Open talhaanwarch opened 4 years ago

talhaanwarch commented 4 years ago

Can you please guide me how to add some extra fully connected layer on top of a pre-trained model

from efficientnet_pytorch import EfficientNet
model = EfficientNet.from_pretrained('efficientnet-b0')

I am confused, how to access the last layer and connect with another layer

lukemelas commented 4 years ago

You can do something like

model._fc = nn.Sequential(nn.Linear(self.network._fc.in_features, 512), 
                                           nn.ReLU(),  
                                           nn.Dropout(0.25),
                                           nn.Linear(512, 128), 
                                           nn.ReLU(),  
                                           nn.Dropout(0.50), 
                                           nn.Linear(128,classes))

or if you want to make bigger changes:

class MyEfficientNet(nn.Module):

    def __init__(self):
        super().__init__()

        # EfficientNet
        self.network = EfficientNet.from_pretrained("efficientnet-b0")

        # Replace last layer
        self.network._fc = nn.Sequential(nn.Linear(self.network._fc.in_features, 512), 
                                         nn.ReLU(),  
                                         nn.Dropout(0.25),
                                         nn.Linear(512, 128), 
                                         nn.ReLU(),  
                                         nn.Dropout(0.50), 
                                         nn.Linear(128,classes))

    def forward(self, x):
        out = self.network(x)
        return out

model = MyEfficientNet()

Look good?

sachinruk commented 4 years ago

just wondering if the last layer will still have a swish activation? When I print out the model, that seems to be the case. If so how do you remove that last layer?

Last few lines of output of print(model).

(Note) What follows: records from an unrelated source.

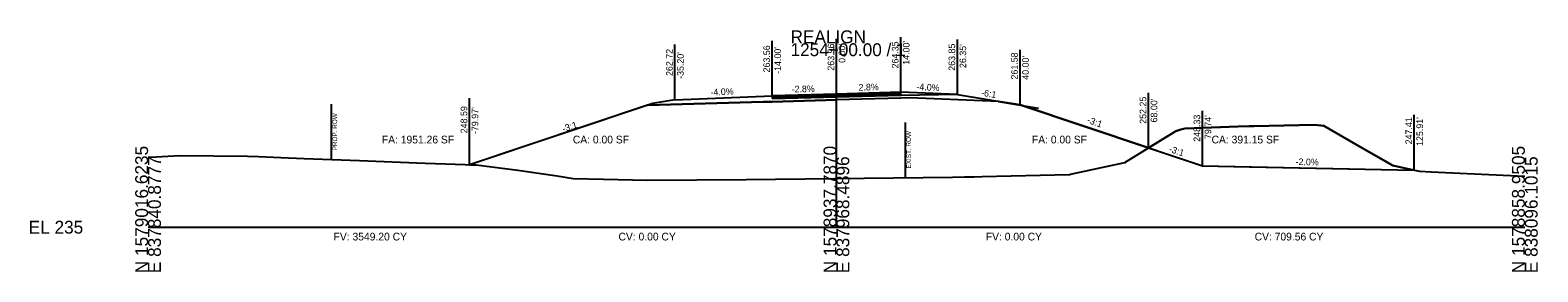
# Model space of a CAD drawing. Extents: x -26 to 6303, y -16 to 9563.
# Drawn here: x 2974.3 to 3302.8, y 5990.3 to 6042.8 of the extents above; entities that cross this region are included whole.
import ezdxf

# ---------------------------------------------------------------- set-up
doc = ezdxf.new("R2010")
doc.units = 0
for name, color, linetype in [('ASPHALT_19MM1', 7, 'Continuous'), ('ASPHALT_9_5MM1', 7, 'Continuous'), ('CONST_LV3', 7, 'Continuous'), ('CONST_PROF_LV1', 7, 'Continuous'), ('Draft_XS_Grid', 7, 'Continuous'), ('DTM_TEMP_DROP', 7, 'Continuous'), ('DTM_X_FLOW_ARROWS', 7, 'Continuous'), ('DTM_X_GROUND', 7, 'Continuous'), ('TRANS_BRIDGE', 7, 'Continuous'), ('XS_CELL', 7, 'Continuous'), ('XS_M_SHAPES_EARTHWORK', 7, 'Continuous'), ('XS_P_GROUND', 7, 'Continuous'), ('XS_P_NULL_POINT', 7, 'Continuous'), ('XS_P_ROW', 7, 'Continuous'), ('XS_P_SHOULDER', 7, 'Continuous'), ('XS_P_SUBGRADE_GRANULAR', 7, 'Continuous'), ('XS_P_TX_CLEARZONE', 7, 'Continuous'), ('XS_P_TX_FS_BS', 7, 'Continuous'), ('XS_PLAN_CLEAR_ZONE', 7, 'Continuous'), ('XS_SHEET_EW_TX_AREA', 7, 'Continuous'), ('XS_SHEET_EW_TX_VOLUME', 7, 'Continuous'), ('XS_X_ROW', 7, 'Continuous')]:
    doc.layers.add(name, color=color, linetype=linetype)

msp = doc.modelspace()

# ---------------------------------------------------------------- linework, layer by layer
at = {"layer": 'ASPHALT_19MM1'}
msp.add_lwpolyline([(3136, 6027.96), (3136, 6027.96), (3136, 6027.96), (3150, 6028.35), (3150, 6028.35), (3164, 6028.74), (3164, 6028.74), (3164, 6029.01), (3150, 6028.62), (3150, 6028.62), (3136, 6028.23), (3136, 6028.23), (3136, 6027.96)], dxfattribs=at)
at = {"layer": 'ASPHALT_9_5MM1'}
msp.add_lwpolyline([(3136, 6028.44), (3136, 6028.44), (3136, 6028.44), (3150, 6028.83), (3150, 6028.83), (3164, 6029.22), (3164, 6029.22), (3164, 6029.35), (3150, 6028.96), (3150, 6028.96), (3136, 6028.56), (3136, 6028.56), (3136, 6028.44)], dxfattribs=at)
at = {"layer": 'CONST_LV3'}
for points in [[(3150, 6028.96), (3164, 6028.68)], [(3176.35, 6028.85), (3164, 6028.68), (3164, 6028.68)], [(3185.31, 6027.36), (3194, 6025.91)]]:
    msp.add_lwpolyline(points, dxfattribs=at)
at = {"layer": 'DTM_X_GROUND'}
msp.add_lwpolyline([(3000, 6015.26), (3001.77, 6015.34), (3006.89, 6015.56), (3021.65, 6015.48), (3024.1, 6015.37), (3028.91, 6015.15), (3034.03, 6014.96), (3046.1, 6014.5), (3060.38, 6013.9), (3071.31, 6013.55), (3071.45, 6013.54), (3071.5, 6013.53), (3080.59, 6012.43), (3086.12, 6011.59), (3089.17, 6011.18), (3092.66, 6010.59), (3099.26, 6010.44), (3108.77, 6010.22), (3130.35, 6010.41), (3175.26, 6010.88), (3177.94, 6010.93), (3179.99, 6010.99), (3181.77, 6011.03), (3200.71, 6011.49), (3200.88, 6011.49), (3201.01, 6011.52), (3212.82, 6014.04), (3216.24, 6016.17), (3223.94, 6020.92), (3225.06, 6021.26), (3225.89, 6021.5), (3237.55, 6021.89), (3239.94, 6021.98), (3240.93, 6021.99), (3254.2, 6022.24), (3255.57, 6022.12), (3256.22, 6022.06), (3264.51, 6017.28), (3271.27, 6013.39), (3274.11, 6012.79), (3277.06, 6012.17), (3279.62, 6012.05), (3300, 6011.11)], dxfattribs=at)
at = {"layer": 'XS_CELL'}
for p, q in [((3150, 6000), (3150, 6040)), ((3000, 6000), (3150, 6000)), ((3150, 6000), (3300, 6000))]:
    msp.add_line(p, q, dxfattribs=at)
at = {"layer": 'XS_M_SHAPES_EARTHWORK'}
msp.add_lwpolyline([(3070.03, 6013.59), (3071.31, 6013.55), (3071.45, 6013.54), (3071.5, 6013.53), (3080.59, 6012.43), (3086.12, 6011.59), (3089.17, 6011.18), (3092.66, 6010.59), (3099.26, 6010.44), (3108.77, 6010.22), (3130.35, 6010.41), (3175.26, 6010.88), (3177.94, 6010.93), (3179.99, 6010.99), (3181.77, 6011.03), (3200.71, 6011.49), (3200.88, 6011.49), (3201.01, 6011.52), (3212.82, 6014.04), (3216.24, 6016.17), (3218, 6017.25), (3190, 6026.58), (3185.31, 6027.36), (3166, 6028.13), (3164, 6028.08), (3150, 6027.68), (3136, 6027.29), (3134, 6027.24), (3108.85, 6026.53)], close=True, dxfattribs=at)
at = {"layer": 'XS_P_GROUND'}
for points in [[(3176.35, 6028.85), (3190, 6026.58), (3218, 6017.25)], [(3176.35, 6028.85), (3190, 6026.58), (3229.74, 6013.33)], [(3114.8, 6027.72), (3110, 6026.92), (3070.03, 6013.59)], [(3229.74, 6013.33), (3240.03, 6013.13)], [(3240.03, 6013.13), (3275.91, 6012.41)]]:
    msp.add_lwpolyline(points, dxfattribs=at)
at = {"layer": 'XS_P_ROW'}
msp.add_line((3040, 6014.73), (3040, 6026.73), dxfattribs=at)
at = {"layer": 'XS_P_SHOULDER'}
for points in [[(3176.35, 6028.85), (3164, 6029.35), (3164, 6029.35)], [(3114.8, 6027.72), (3136, 6028.56), (3136, 6028.56)]]:
    msp.add_lwpolyline(points, dxfattribs=at)
at = {"layer": 'XS_P_SUBGRADE_GRANULAR'}
for points in [[(3108.85, 6026.53), (3134, 6027.24), (3134, 6027.24), (3134, 6027.24), (3136, 6027.29)], [(3136, 6027.29), (3136, 6027.29), (3150, 6027.68)], [(3164, 6028.08), (3150, 6027.68), (3150, 6027.68)], [(3185.31, 6027.36), (3166, 6028.13), (3166, 6028.13), (3164, 6028.08), (3164, 6028.08)]]:
    msp.add_lwpolyline(points, dxfattribs=at)
at = {"layer": 'XS_P_TX_CLEARZONE'}
for p, q in [((3114.8, 6027.72), (3114.8, 6039.72)), ((3136, 6028.56), (3136, 6040.56)), ((3150, 6028.96), (3150, 6040.96)), ((3164, 6029.35), (3164, 6041.35)), ((3176.35, 6028.85), (3176.35, 6040.85)), ((3176.35, 6028.85), (3176.35, 6040.85)), ((3190, 6026.58), (3190, 6038.58)), ((3218, 6017.25), (3218, 6029.25)), ((3070.03, 6013.59), (3070.03, 6028.03)), ((3229.74, 6013.33), (3229.74, 6025.33)), ((3275.91, 6012.41), (3275.91, 6024.41))]:
    msp.add_line(p, q, dxfattribs=at)
at = {"layer": 'XS_P_TX_FS_BS'}
for p, q in [((3217.99, 6017.25), (3229.74, 6013.33)), ((3229.74, 6013.33), (3275.91, 6012.41))]:
    msp.add_line(p, q, dxfattribs=at)
msp.add_lwpolyline([(3275.91, 6012.41), (3274.11, 6012.79), (3271.27, 6013.39), (3264.51, 6017.28), (3256.22, 6022.06), (3255.57, 6022.12), (3254.2, 6022.24), (3240.93, 6021.99), (3239.94, 6021.98), (3237.55, 6021.89), (3225.89, 6021.5), (3225.06, 6021.26), (3223.94, 6020.92), (3217.99, 6017.25)], dxfattribs=at)
at = {"layer": 'XS_PLAN_CLEAR_ZONE'}
msp.add_lwpolyline([(3136, 6028.23), (3136, 6028.23), (3136, 6028.23), (3150, 6028.62), (3150, 6028.62), (3164, 6029.01), (3164, 6029.01), (3164, 6029.22), (3150, 6028.83), (3150, 6028.83), (3136, 6028.44), (3136, 6028.44), (3136, 6028.23)], dxfattribs=at)
at = {"layer": 'XS_X_ROW'}
msp.add_line((3165.03, 6010.77), (3165.03, 6022.77), dxfattribs=at)

# ---------------------------------------------------------------- texts
at = {"layer": 'CONST_PROF_LV1'}
for p in [(3217.92, 6017.13), (3069.95, 6013.47)]:
    msp.add_text('X', height=0.24, dxfattribs=at).set_placement(p)
at = {"layer": 'Draft_XS_Grid'}
msp.add_text('-', height=0.0001, dxfattribs=at).set_placement((3000, 6000))
at = {"layer": 'DTM_TEMP_DROP'}
for p in [(3135.92, 6028.44), (3149.92, 6028.84), (3163.92, 6029.23)]:
    msp.add_text('X', height=0.24, dxfattribs=at).set_placement(p)
at = {"layer": 'DTM_X_FLOW_ARROWS'}
msp.add_text('X', height=0.24, dxfattribs=at).set_placement((3275.83, 6012.29))
at = {"layer": 'TRANS_BRIDGE'}
for p in [(3217.92, 6017.13), (3069.95, 6013.47)]:
    msp.add_text('X', height=0.24, dxfattribs=at).set_placement(p)
at = {"layer": 'XS_CELL'}
for s, p in [('REALIGN', (3140, 6040)), ('1254+00.00 / 1', (3140, 6037.2)), ('EL 235', (2974, 5998.6))]:
    msp.add_text(s, height=2.8, dxfattribs=at).set_placement(p)
for s, p in [('N 1579016.6235', (3000, 5990)), ('N 1578937.7870', (3150, 5990)), ('N 1578858.9505', (3300, 5990)), ('E 837840.8777', (3002.8, 5990)), ('E 837968.4896', (3152.8, 5990)), ('E 838096.1015', (3302.8, 5990))]:
    msp.add_text(s, height=2.8, rotation=90, dxfattribs=at).set_placement(p)
at = {"layer": 'XS_P_GROUND'}
msp.add_text('X', height=0.24, dxfattribs=at).set_placement((3193.92, 6025.79))
at = {"layer": 'XS_P_NULL_POINT'}
for p in [(3176.27, 6028.73), (3189.92, 6026.46)]:
    msp.add_text('X', height=0.24, dxfattribs=at).set_placement(p)
at = {"layer": 'XS_P_ROW'}
msp.add_text('PROP. ROW', height=1, rotation=90, dxfattribs=at).set_placement((3041.2, 6016.73))
at = {"layer": 'XS_P_SHOULDER'}
for p in [(3176.27, 6028.73), (3114.72, 6027.6)]:
    msp.add_text('X', height=0.24, dxfattribs=at).set_placement(p)
at = {"layer": 'XS_P_SUBGRADE_GRANULAR'}
msp.add_text('X', height=0.24, dxfattribs=at).set_placement((3229.66, 6013.21))
at = {"layer": 'XS_P_TX_CLEARZONE'}
for s, p in [('262.72', (3114.32, 6032.89)), ('263.56', (3135.52, 6033.66)), ("-14.00'", (3137.92, 6033.36)), ('263.96', (3149.52, 6034.05)), ("0.00'", (3151.92, 6035.74)), ('264.35', (3163.52, 6034.52)), ("14.00'", (3165.92, 6035.32)), ('263.85', (3175.87, 6034.03)), ("26.35'", (3178.27, 6034.62)), ("-35.20'", (3116.72, 6032.26)), ('261.58', (3189.52, 6032.12)), ("40.00'", (3191.92, 6032.07)), ('248.59', (3069.55, 6020.43)), ("-79.97'", (3071.95, 6020.26)), ('252.25', (3217.52, 6022.49)), ("68.00'", (3219.92, 6022.79)), ('248.33', (3229.26, 6018.58)), ("79.74'", (3231.66, 6019.17)), ('247.41', (3275.43, 6018.02)), ("125.91'", (3277.83, 6017.68))]:
    msp.add_text(s, height=1.44, rotation=90, dxfattribs=at).set_placement(p)
at = {"layer": 'XS_P_TX_FS_BS'}
for s, rotation, p in [('-4.0%', 2.2906, (3122.58, 6028.63)), ('-2.8%', 1.6039, (3140.25, 6029.28)), ('2.8%', 1.6039, (3154.84, 6029.69)), ('-4.0%', 357.7094, (3167.41, 6029.81)), ('-6:1', 350.5377, (3181.45, 6028.61)), ('-3:1', 17.5075, (3090.5, 6020.68)), ('-3:1', 340.1467, (3204.5, 6022.76)), ('-3:1', 341.563, (3222.33, 6016.43)), ('-2.0%', 358.8542, (3250.04, 6013.53))]:
    msp.add_text(s, height=1.44, rotation=rotation, dxfattribs=at).set_placement(p)
at = {"layer": 'XS_SHEET_EW_TX_AREA'}
for s, p in [('FA: 1951.26 SF', (3050.95, 6018.22)), ('CA: 0.00 SF', (3092.56, 6018.22)), ('FA: 0.00 SF', (3192.6, 6018.22)), ('CA: 391.15 SF', (3231.74, 6018.22))]:
    msp.add_text(s, height=1.68, dxfattribs=at).set_placement(p)
at = {"layer": 'XS_SHEET_EW_TX_VOLUME'}
for s, p in [('FV: 3549.20 CY', (3040.43, 5997.12)), ('CV: 0.00 CY', (3102.51, 5997.12)), ('FV: 0.00 CY', (3182.55, 5997.12)), ('CV: 709.56 CY', (3241.13, 5997.12))]:
    msp.add_text(s, height=1.68, dxfattribs=at).set_placement(p)
at = {"layer": 'XS_X_ROW'}
msp.add_text('EXIST. ROW', height=1, rotation=90, dxfattribs=at).set_placement((3166.23, 6012.77))

doc.saveas('drawing.dxf')

(_bn1): BatchNorm2d(1280, eps=0.001, momentum=0.010000000000000009, affine=True, track_running_stats=True)
    (_avg_pooling): AdaptiveAvgPool2d(output_size=1)
    (_dropout): Dropout(p=0.2, inplace=False)
    (_fc): Sequential(
      (0): Linear(in_features=1280, out_features=512, bias=True)
      (1): ReLU()
      (2): Dropout(p=0.25, inplace=False)
      (3): Linear(in_features=512, out_features=128, bias=True)
      (4): ReLU()
      (5): Dropout(p=0.25, inplace=False)
      (6): Linear(in_features=128, out_features=1, bias=True)
    )
    (_swish): MemoryEfficientSwish()
  )
)
sachinruk commented 4 years ago

I've expanded on the question above on my SO question.